The peculiar form of sensitiveness which we are here considering, is confined to the tip of the radicle for a length of from 1 mm. to 1.5 mm. When this part is irritated by contact with any object, by caustic, or by a thin slice being cut off, the upper adjoining part of the radicle, for a length of from 6 or 7 to even 12 mm., is excited to bend away from the side which has been irritated. Some influence must therefore be transmitted from the tip along the radicle for this length. The curvature thus caused is generally symmetrical. The part which bends most apparently coincides with that of the most rapid growth. The tip and the basal part grow very slowly and they bend very little.

Considering the widely separated position in the vegetable series of the several above-named genera, we may conclude that the tips of the radicles of all, or almost all, plants are similarly sensitive, and transmit an influence causing the upper part to bend. With respect to the tips of the secondary radicles, those of Vicia faba, Pisum sativum, and Zea mays were alone observed, and they were found similarly sensitive.

In order that these movements should be properly displayed, it appears necessary that the radicles should grow at their normal rate. If subjected to a high temperature and made to grow rapidly, the tips seem either to lose their sensitiveness, or the upper part to lose the power of bending. So it appears to be if they grow very slowly from not being vigorous, or from being kept at too low a temperature; also when they are forced to germinate in the middle of the winter.
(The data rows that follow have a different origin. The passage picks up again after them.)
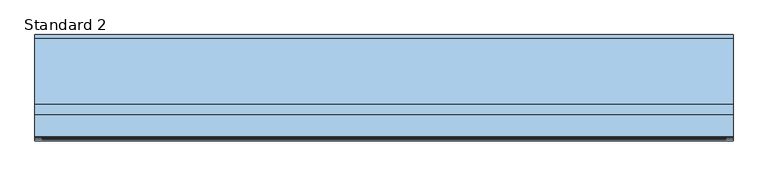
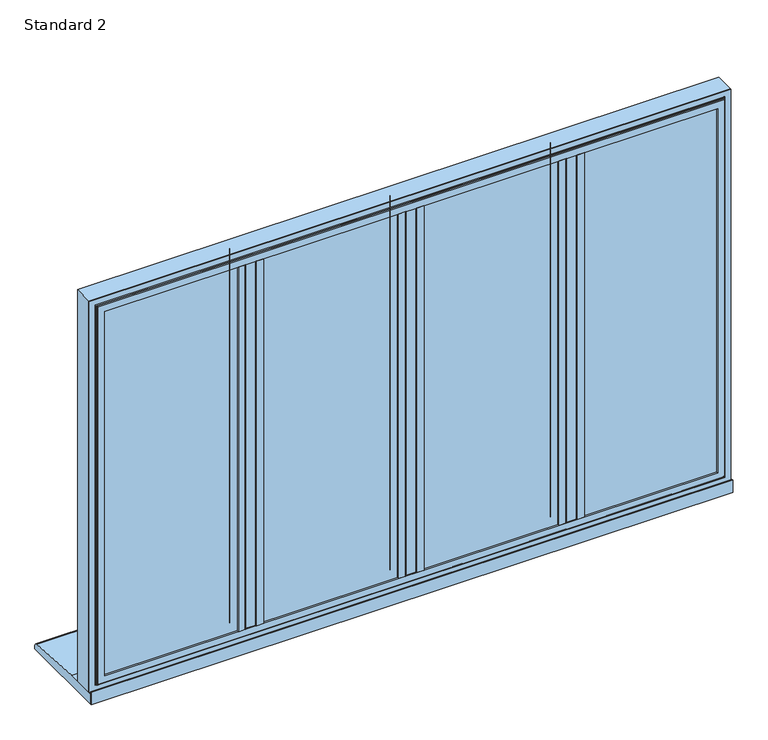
"""IFC4 building model written with IfcOpenShell, lengths in millimetres: window geometry, SMARTS_AlithermHeritage : Standard 2."""

import ifcopenshell
import ifcopenshell.guid

model = None  # the IFC model being written
_history = None  # IfcOwnerHistory: only IFC2X3 demands one
_inside = {}  # id of a spatial element -> (the spatial element, [elements in it])
_under = {}  # id of a project, library or spatial element -> (it, [spatial elements below it])
_declared = {}  # id of a project -> (the project, [libraries it declares])
_typed = {}  # id of a type object -> (the type object, [elements of that type])
_made_of = {}  # id of a material, layer set ... -> (it, [elements and type objects made of it])


def new_model(schema):
    """Start an empty IFC model of exactly this schema.

    Asked for "IFC4X3", IfcOpenShell would pick the latest addendum, in which some entities
    have other attributes; the version numbers below select the first issue.
    IFC2X3 requires an IfcOwnerHistory on every rooted entity: one is made here for all.
    """
    global model, _history
    if schema == "IFC4X3":
        model = ifcopenshell.file(schema_version=(4, 3, 0, 0))
    else:
        model = ifcopenshell.file(schema=schema)
    _inside.clear()
    _under.clear()
    _declared.clear()
    _typed.clear()
    _made_of.clear()
    _history = None
    if model.schema == "IFC2X3":
        org = make("IfcOrganization", Name="unknown")
        user = make(
            "IfcPersonAndOrganization",
            ThePerson=make("IfcPerson", FamilyName="unknown"),
            TheOrganization=org,
        )
        app = make(
            "IfcApplication",
            ApplicationDeveloper=org,
            Version="unknown",
            ApplicationFullName="unknown",
            ApplicationIdentifier="unknown",
        )
        _history = make(
            "IfcOwnerHistory",
            OwningUser=user,
            OwningApplication=app,
            ChangeAction="ADDED",
            CreationDate=0,
        )
    return model


def make(cls, **values):
    """One entity of the class cls with the attributes given. An attribute that is None is left unset."""
    return model.create_entity(
        cls, **{name: value for name, value in values.items() if value is not None}
    )


def rooted(cls, **values):
    """An entity with a GlobalId (a new one), such as an element, a storey or a relation."""
    return make(cls, GlobalId=ifcopenshell.guid.new(), OwnerHistory=_history, **values)


def si_unit(unit_type, name, prefix=None):
    """IfcSIUnit, for example si_unit("LENGTHUNIT", "METRE", prefix="MILLI")."""
    return make("IfcSIUnit", UnitType=unit_type, Prefix=prefix, Name=name)


def assignment(units):
    """IfcUnitAssignment: the units of a project."""
    return None if units is None else make("IfcUnitAssignment", Units=units)


def point(xyz):
    """IfcCartesianPoint."""
    return None if xyz is None else make("IfcCartesianPoint", Coordinates=xyz)


def direction(xyz):
    """IfcDirection."""
    return None if xyz is None else make("IfcDirection", DirectionRatios=xyz)


def frame(location, z_axis=None, x_axis=None):
    """IfcAxis2Placement3D, a coordinate frame: its origin and axes. An axis left out is left unset."""
    return make(
        "IfcAxis2Placement3D",
        Location=point(location),
        Axis=direction(z_axis),
        RefDirection=direction(x_axis),
    )


def frame_2d(location, x_axis=None):
    """IfcAxis2Placement2D, a coordinate frame in the plane: its origin and x axis."""
    return make(
        "IfcAxis2Placement2D", Location=point(location), RefDirection=direction(x_axis)
    )


def origin():
    """The frame at (0, 0, 0) with its axes left unset."""
    return frame((0.0, 0.0, 0.0))


def place(relative_to, where):
    """IfcLocalPlacement: puts the frame where relative to a parent placement (None: the world)."""
    return make(
        "IfcLocalPlacement", PlacementRelTo=relative_to, RelativePlacement=where
    )


def context(
    kind, dimensions, precision=None, world=None, true_north=None, identifier=None
):
    """IfcGeometricRepresentationContext, for example the 3D "Model" context."""
    return make(
        "IfcGeometricRepresentationContext",
        ContextIdentifier=identifier,
        ContextType=kind,
        CoordinateSpaceDimension=dimensions,
        Precision=precision,
        WorldCoordinateSystem=world,
        TrueNorth=true_north,
    )


def project(units=None, contexts=None):
    """IfcProject with its units and contexts."""
    return rooted(
        "IfcProject",
        Name="project",
        RepresentationContexts=contexts,
        UnitsInContext=assignment(units),
    )


def spatial(cls, under=None, at=None, **own):
    """A site, building, storey or space (cls), placed at a placement, below another one or the project."""
    s = rooted(cls, ObjectPlacement=at, **own)
    if under is not None:
        _under.setdefault(under.id(), (under, []))[1].append(s)
    return s


def polyline(points):
    """IfcPolyline through the points."""
    return make("IfcPolyline", Points=[point(p) for p in points])


def circle_curve(where, radius):
    """IfcCircle in the frame where."""
    return make("IfcCircle", Position=where, Radius=radius)


def ellipse_curve(where, semi_axis1, semi_axis2):
    """IfcEllipse in the frame where."""
    return make(
        "IfcEllipse", Position=where, SemiAxis1=semi_axis1, SemiAxis2=semi_axis2
    )


def trimmed(basis, trim1, trim2, sense, master):
    """IfcTrimmedCurve: the piece of a basis curve between two trims."""
    return make(
        "IfcTrimmedCurve",
        BasisCurve=basis,
        Trim1=trim1,
        Trim2=trim2,
        SenseAgreement=sense,
        MasterRepresentation=master,
    )


def segment(curve, same_sense, transition):
    """IfcCompositeCurveSegment."""
    return make(
        "IfcCompositeCurveSegment",
        Transition=transition,
        SameSense=same_sense,
        ParentCurve=curve,
    )


def composite_curve(segments, self_intersect=None):
    """IfcCompositeCurve: segments joined end to end."""
    return make("IfcCompositeCurve", Segments=segments, SelfIntersect=self_intersect)


def outline(outer, holes=None, kind="AREA"):
    """IfcArbitraryClosedProfileDef: a profile drawn as a closed curve; with holes, ...WithVoids."""
    if holes is None:
        return make("IfcArbitraryClosedProfileDef", ProfileType=kind, OuterCurve=outer)
    return make(
        "IfcArbitraryProfileDefWithVoids",
        ProfileType=kind,
        OuterCurve=outer,
        InnerCurves=holes,
    )


def extrude(swept, where, along, depth):
    """IfcExtrudedAreaSolid: the profile swept, set in the frame where, extruded along a direction by depth."""
    return make(
        "IfcExtrudedAreaSolid",
        SweptArea=swept,
        Position=where,
        ExtrudedDirection=direction(along),
        Depth=depth,
    )


def faces_of(points, faces, orient=None, outer=None):
    """IfcFace entities. A face is a list of loops; a loop is a list of indices into points, from 0.

    orient and outer hold one flag for each loop. By default every Orientation is true, the
    first loop of a face is its IfcFaceOuterBound and the others are IfcFaceBound.
    """
    made = []
    for i, loops in enumerate(faces):
        bounds = []
        for j, loop in enumerate(loops):
            is_outer = j == 0 if outer is None else outer[i][j]
            bounds.append(
                make(
                    "IfcFaceOuterBound" if is_outer else "IfcFaceBound",
                    Bound=make("IfcPolyLoop", Polygon=[points[k] for k in loop]),
                    Orientation=True if orient is None else orient[i][j],
                )
            )
        made.append(make("IfcFace", Bounds=bounds))
    return made


def faceted_brep(points, faces, orient=None, outer=None, voids=None):
    """IfcFacetedBrep: a solid bounded by flat faces; with voids (closed shells), ...WithVoids."""
    shared = [point(p) for p in points]
    hull = make("IfcClosedShell", CfsFaces=faces_of(shared, faces, orient, outer))
    if voids is None:
        return make("IfcFacetedBrep", Outer=hull)
    return make(
        "IfcFacetedBrepWithVoids",
        Outer=hull,
        Voids=[
            make(cls, CfsFaces=faces_of(shared, fs, o, b)) for cls, fs, o, b in voids
        ],
    )


def shape(context_of_items, identifier, shape_type, items):
    """IfcShapeRepresentation: the items that make up one representation, for example the "Body"."""
    return make(
        "IfcShapeRepresentation",
        ContextOfItems=context_of_items,
        RepresentationIdentifier=identifier,
        RepresentationType=shape_type,
        Items=items,
    )


def source(mapping_origin, context_of_items, identifier, shape_type, items):
    """IfcRepresentationMap: a shape defined once, which mapped items show again and again."""
    return make(
        "IfcRepresentationMap",
        MappingOrigin=mapping_origin,
        MappedRepresentation=shape(context_of_items, identifier, shape_type, items),
    )


def transform(
    local_origin,
    x_axis=None,
    y_axis=None,
    z_axis=None,
    scale=None,
    scale2=None,
    scale3=None,
    uniform=True,
):
    """IfcCartesianTransformationOperator3D, or its non-uniform kind. x_axis, y_axis, z_axis: its Axis1, 2, 3."""
    if uniform:
        return make(
            "IfcCartesianTransformationOperator3D",
            Axis1=direction(x_axis),
            Axis2=direction(y_axis),
            LocalOrigin=point(local_origin),
            Scale=scale,
            Axis3=direction(z_axis),
        )
    return make(
        "IfcCartesianTransformationOperator3DnonUniform",
        Axis1=direction(x_axis),
        Axis2=direction(y_axis),
        LocalOrigin=point(local_origin),
        Scale=scale,
        Axis3=direction(z_axis),
        Scale2=scale2,
        Scale3=scale3,
    )


def mapped(mapping_source, mapping_target):
    """IfcMappedItem: shows the shape of a source again, moved by a transform."""
    return make(
        "IfcMappedItem", MappingSource=mapping_source, MappingTarget=mapping_target
    )


def made_of(thing, what):
    """Note that an element or type object is made of a material, layer set ...; save() writes the relation."""
    if what is not None:
        _made_of.setdefault(what.id(), (what, []))[1].append(thing)
    return thing


def element(
    cls,
    number,
    at=None,
    inside=None,
    cuts=None,
    type_object=None,
    material=None,
    context=None,
    identifier="Body",
    shape_type=None,
    held_by="IfcProductDefinitionShape",
    body=None,
    shapes=None,
    **own,
):
    """One element of the class cls, such as IfcWall. Its Tag is "e" and its number.

    at: its placement. inside: the storey or other place that contains it. cuts: it is an
    opening in that element (IfcRelVoidsElement). A single representation is given by context,
    identifier, shape_type and body (its items); several are given by shapes. held_by: the class
    of the entity that holds the representations. save() writes the other relations.
    """
    e = rooted(cls, Tag="e%d" % number, ObjectPlacement=at, **own)
    if body is not None:
        shapes = [shape(context, identifier, shape_type, body)]
    if shapes is not None:
        e.Representation = make(held_by, Representations=shapes)
    if inside is not None:
        _inside.setdefault(inside.id(), (inside, []))[1].append(e)
    if cuts is not None:
        rooted(
            "IfcRelVoidsElement", RelatingBuildingElement=cuts, RelatedOpeningElement=e
        )
    if type_object is not None:
        _typed.setdefault(type_object.id(), (type_object, []))[1].append(e)
    return made_of(e, material)


def aggregate(whole, parts):
    """IfcRelAggregates: a whole, such as a stair, and the parts it consists of."""
    return rooted("IfcRelAggregates", RelatingObject=whole, RelatedObjects=parts)


def save(model, path):
    """Write the relations noted so far, then the file.

    IfcRelAggregates (storeys below a building ...), IfcRelContainedInSpatialStructure (elements
    in a storey), IfcRelDefinesByType, IfcRelAssociatesMaterial and IfcRelDeclares: one each for
    every whole, place, type object, material and project.
    """
    for whole, parts in _under.values():
        aggregate(whole, parts)
    for where, things in _inside.values():
        rooted(
            "IfcRelContainedInSpatialStructure",
            RelatedElements=things,
            RelatingStructure=where,
        )
    for kind, things in _typed.values():
        rooted("IfcRelDefinesByType", RelatedObjects=things, RelatingType=kind)
    for what, things in _made_of.values():
        rooted("IfcRelAssociatesMaterial", RelatedObjects=things, RelatingMaterial=what)
    for by, libraries in _declared.values():
        rooted("IfcRelDeclares", RelatingContext=by, RelatedDefinitions=libraries)
    model.write(path)


def plane_surface(at):
    """IfcPlane: the flat surface through the origin of the frame at, square to its z axis."""
    return make("IfcPlane", Position=at)


def cylinder_surface(at, radius):
    """IfcCylindricalSurface: all points at the distance radius from the z axis of the frame at."""
    return make("IfcCylindricalSurface", Position=at, Radius=radius)


def revolved_surface(curve, axis_point, axis_direction):
    """IfcSurfaceOfRevolution: the curve turned about the line through axis_point along axis_direction."""
    return make(
        "IfcSurfaceOfRevolution",
        SweptCurve=make("IfcArbitraryOpenProfileDef", ProfileType="CURVE", Curve=curve),
        AxisPosition=make("IfcAxis1Placement", Location=point(axis_point), Axis=direction(axis_direction)),
    )


def advanced_brep(points, edges, surfaces, faces):
    """IfcAdvancedBrep: a solid bounded by faces that lie on surfaces and meet in shared edges.

    An edge is (start, end): straight between two places in points (the first is 0);
    or (start, end, curve); or (start, end, curve, False) where it runs against its curve.
    A face is (place in surfaces, loops), or (place, loops, False) where it looks against
    its surface's normal. A loop lists edges by number (the first is 1), with a minus sign
    where the edge is run from its end to its start. The first loop is the outer one.
    """
    corners = [point(p) for p in points]
    vertices = [make("IfcVertexPoint", VertexGeometry=c) for c in corners]
    made = []
    for start, end, *more in edges:
        made.append(
            make(
                "IfcEdgeCurve",
                EdgeStart=vertices[start],
                EdgeEnd=vertices[end],
                EdgeGeometry=more[0] if more else make("IfcPolyline", Points=[corners[start], corners[end]]),
                SameSense=more[1] if len(more) > 1 else True,
            )
        )
    hull = []
    for where, loops, *sense in faces:
        bounds = []
        for j, loop in enumerate(loops):
            ring = [make("IfcOrientedEdge", EdgeElement=made[abs(k) - 1], Orientation=k > 0) for k in loop]
            bounds.append(
                make(
                    "IfcFaceOuterBound" if j == 0 else "IfcFaceBound",
                    Bound=make("IfcEdgeLoop", EdgeList=ring),
                    Orientation=True,
                )
            )
        hull.append(make("IfcAdvancedFace", Bounds=bounds, FaceSurface=surfaces[where], SameSense=sense[0] if sense else True))
    return make("IfcAdvancedBrep", Outer=make("IfcClosedShell", CfsFaces=hull))


def standard_2_e56fe06b(model_context):
    return source(origin(), model_context, "Body", "SolidModel", [
        extrude(outline(polyline([(-383.6941456, 95.2798432), (-356.3058544, 95.2798432), (-356.3058544, 47.279476), (-383.6941456, 47.279476), (-383.6941456, 95.2798432)])), frame((0.0, 0.0, 652.6941456), z_axis=(0.0, 0.0, 1.0), x_axis=(1.0, 0.0, 0.0)), (0.0, 0.0, 1.0), 919.6117089),
        extrude(outline(composite_curve([segment(polyline([(-399.0, 47.279476), (-341.0, 47.279476), (-341.0, 43.2798432), (-357.0, 43.2798432)]), True, "CONTINUOUS"), segment(trimmed(circle_curve(frame_2d((-357.0, 44.2798432)), 1.0), [point((-357.0, 43.2798432))], [point((-358.0, 44.2798432))], False, "CARTESIAN"), True, "CONTINUOUS"), segment(polyline([(-358.0, 44.2798432), (-358.0, 45.7798432), (-382.0, 45.7798432), (-382.0, 44.2798432)]), True, "CONTINUOUS"), segment(trimmed(circle_curve(frame_2d((-383.0, 44.2798432)), 1.0), [point((-382.0, 44.2798432))], [point((-383.0, 43.2798432))], False, "CARTESIAN"), True, "CONTINUOUS"), segment(polyline([(-383.0, 43.2798432), (-399.0, 43.2798432), (-399.0, 47.279476)]), True, "CONTINUOUS")], self_intersect=False)), frame((0.0, 0.0, 668.0), z_axis=(0.0, 0.0, 1.0), x_axis=(1.0, 0.0, 0.0)), (0.0, 0.0, 1.0), 889.0),
        extrude(outline(polyline([(-13.6941456, 95.2798432), (13.6941456, 95.2798432), (13.6941456, 47.279476), (-13.6941456, 47.279476), (-13.6941456, 95.2798432)])), frame((0.0, 0.0, 652.6941456), z_axis=(0.0, 0.0, 1.0), x_axis=(1.0, 0.0, 0.0)), (0.0, 0.0, 1.0), 919.6117089),
        extrude(outline(composite_curve([segment(polyline([(-29.0, 47.279476), (29.0, 47.279476), (29.0, 43.2798432), (13.0, 43.2798432)]), True, "CONTINUOUS"), segment(trimmed(circle_curve(frame_2d((13.0, 44.2798432)), 1.0), [point((13.0, 43.2798432))], [point((12.0, 44.2798432))], False, "CARTESIAN"), True, "CONTINUOUS"), segment(polyline([(12.0, 44.2798432), (12.0, 45.7798432), (-12.0, 45.7798432), (-12.0, 44.2798432)]), True, "CONTINUOUS"), segment(trimmed(circle_curve(frame_2d((-13.0, 44.2798432)), 1.0), [point((-12.0, 44.2798432))], [point((-13.0, 43.2798432))], False, "CARTESIAN"), True, "CONTINUOUS"), segment(polyline([(-13.0, 43.2798432), (-29.0, 43.2798432), (-29.0, 47.279476)]), True, "CONTINUOUS")], self_intersect=False)), frame((0.0, 0.0, 668.0), z_axis=(0.0, 0.0, 1.0), x_axis=(1.0, 0.0, 0.0)), (0.0, 0.0, 1.0), 889.0),
        extrude(outline(polyline([(356.3058544, 95.2798432), (383.6941456, 95.2798432), (383.6941456, 47.279476), (356.3058544, 47.279476), (356.3058544, 95.2798432)])), frame((0.0, 0.0, 652.6941456), z_axis=(0.0, 0.0, 1.0), x_axis=(1.0, 0.0, 0.0)), (0.0, 0.0, 1.0), 919.6117089),
        extrude(outline(composite_curve([segment(polyline([(341.0, 47.279476), (399.0, 47.279476), (399.0, 43.2798432), (383.0, 43.2798432)]), True, "CONTINUOUS"), segment(trimmed(circle_curve(frame_2d((383.0, 44.2798432)), 1.0), [point((383.0, 43.2798432))], [point((382.0, 44.2798432))], False, "CARTESIAN"), True, "CONTINUOUS"), segment(polyline([(382.0, 44.2798432), (382.0, 45.7798432), (358.0, 45.7798432), (358.0, 44.2798432)]), True, "CONTINUOUS"), segment(trimmed(circle_curve(frame_2d((357.0, 44.2798432)), 1.0), [point((358.0, 44.2798432))], [point((357.0, 43.2798432))], False, "CARTESIAN"), True, "CONTINUOUS"), segment(polyline([(357.0, 43.2798432), (341.0, 43.2798432), (341.0, 47.279476)]), True, "CONTINUOUS")], self_intersect=False)), frame((0.0, 0.0, 668.0), z_axis=(0.0, 0.0, 1.0), x_axis=(1.0, 0.0, 0.0)), (0.0, 0.0, 1.0), 889.0),
        extrude(outline(polyline([(-717.0, 75.2798432), (-389.0, 75.2798432), (-389.0, 71.2798432), (-717.0, 71.2798432), (-717.0, 75.2798432)])), frame((0.0, 0.0, 658.0), z_axis=(0.0, 0.0, 1.0), x_axis=(1.0, 0.0, 0.0)), (0.0, 0.0, 1.0), 909.0),
        extrude(outline(polyline([(-717.0, 55.2798432), (-389.0, 55.2798432), (-389.0, 51.2798432), (-717.0, 51.2798432), (-717.0, 55.2798432)])), frame((0.0, 0.0, 658.0), z_axis=(0.0, 0.0, 1.0), x_axis=(1.0, 0.0, 0.0)), (0.0, 0.0, 1.0), 909.0),
        extrude(outline(polyline([(1567.0, -717.0), (658.0, -717.0), (658.0, -389.0), (1567.0, -389.0), (1567.0, -717.0)]), holes=[polyline([(1557.0, -399.0), (668.0, -399.0), (668.0, -707.0), (1557.0, -707.0), (1557.0, -399.0)])]), frame((0.0, 55.2798432, 0.0), z_axis=(0.0, 1.0, 0.0), x_axis=(0.0, 0.0, 1.0)), (0.0, 0.0, 1.0), 16.0),
        faceted_brep([(-389.1851151, 95.2798432, 1566.8148849), (-399.0, 78.2798098, 1557.0), (-707.0, 78.2798098, 1557.0), (-716.8148849, 95.2798432, 1566.8148849), (-383.6297324, 78.2798098, 1572.3702676), (-383.6297324, 95.2798432, 1572.3702676), (-722.3702676, 95.2798432, 1572.3702676), (-722.3702676, 78.2798098, 1572.3702676), (-722.3702676, 78.2798098, 652.6297324), (-722.3702676, 95.2798432, 652.6297324), (-383.6297324, 95.2798432, 652.6297324), (-383.6297324, 78.2798098, 652.6297324), (-716.8148849, 95.2798432, 658.1851151), (-389.1851151, 95.2798432, 658.1851151), (-399.0, 78.2798098, 668.0), (-707.0, 78.2798098, 668.0)], [[[0, 1, 2, 3]], [[4, 5, 6, 7]], [[8, 9, 10, 11]], [[5, 10, 9, 6], [3, 12, 13, 0]], [[7, 8, 11, 4], [1, 14, 15, 2]], [[3, 2, 15, 12]], [[7, 6, 9, 8]], [[12, 15, 14, 13]], [[13, 14, 1, 0]], [[11, 10, 5, 4]]]),
        extrude(outline(polyline([(-351.0, 75.2798432), (-19.0, 75.2798432), (-19.0, 71.2798432), (-351.0, 71.2798432), (-351.0, 75.2798432)])), frame((0.0, 0.0, 658.0), z_axis=(0.0, 0.0, 1.0), x_axis=(1.0, 0.0, 0.0)), (0.0, 0.0, 1.0), 909.0),
        extrude(outline(polyline([(-351.0, 55.2798432), (-19.0, 55.2798432), (-19.0, 51.2798432), (-351.0, 51.2798432), (-351.0, 55.2798432)])), frame((0.0, 0.0, 658.0), z_axis=(0.0, 0.0, 1.0), x_axis=(1.0, 0.0, 0.0)), (0.0, 0.0, 1.0), 909.0),
        extrude(outline(polyline([(1567.0, -351.0), (658.0, -351.0), (658.0, -19.0), (1567.0, -19.0), (1567.0, -351.0)]), holes=[polyline([(1557.0, -29.0), (668.0, -29.0), (668.0, -341.0), (1557.0, -341.0), (1557.0, -29.0)])]), frame((0.0, 55.2798432, 0.0), z_axis=(0.0, 1.0, 0.0), x_axis=(0.0, 0.0, 1.0)), (0.0, 0.0, 1.0), 16.0),
        faceted_brep([(-19.1851151, 95.2798432, 1566.8148849), (-29.0, 78.2798098, 1557.0), (-341.0, 78.2798098, 1557.0), (-350.8148849, 95.2798432, 1566.8148849), (-13.6297324, 78.2798098, 1572.3702676), (-13.6297324, 95.2798432, 1572.3702676), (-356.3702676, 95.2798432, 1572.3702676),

The curvature of the radicle sometimes occurs within from 6 to 8 hours after the tip has been irritated, and almost always within 24 h., excepting in the case of the massive radicles of Æsculus. The curvature often amounts to a rectangle,—that is, the terminal part bends upwards until the tip, which is but little curved, projects almost horizontally. Occasionally the tip, from the continued irritation of the attached object, continues to bend up until it forms a hook with the point directed towards the zenith, or a loop, or even a spire. After a time the radicle apparently becomes accustomed to the irritation, as occurs in the case of tendrils, for it again grows downwards, although the bit of card or other object may remain attached to the tip. It is evident that a small object attached to the free point of a vertically suspended radicle can offer no mechanical resistance to its growth as a whole, for the object is carried downwards as the radicle elongates, or upwards as the radicle curves upwards. Nor can the growth of the tip itself be mechanically checked by an object attached to it by gum-water, which remains all the time perfectly soft. The weight of the object, though quite insignificant, is opposed to the upward curvature. We may therefore conclude that it is the irritation due to contact which excites the movement. The contact, however, must be prolonged, for the tips of 15 radicles were rubbed for a short time, and this did not cause them to bend. Here then we have a case of specialised sensibility, like that of the glands of Drosera; for these are exquisitely sensitive to the slightest pressure if prolonged, but not to two or three rough touches.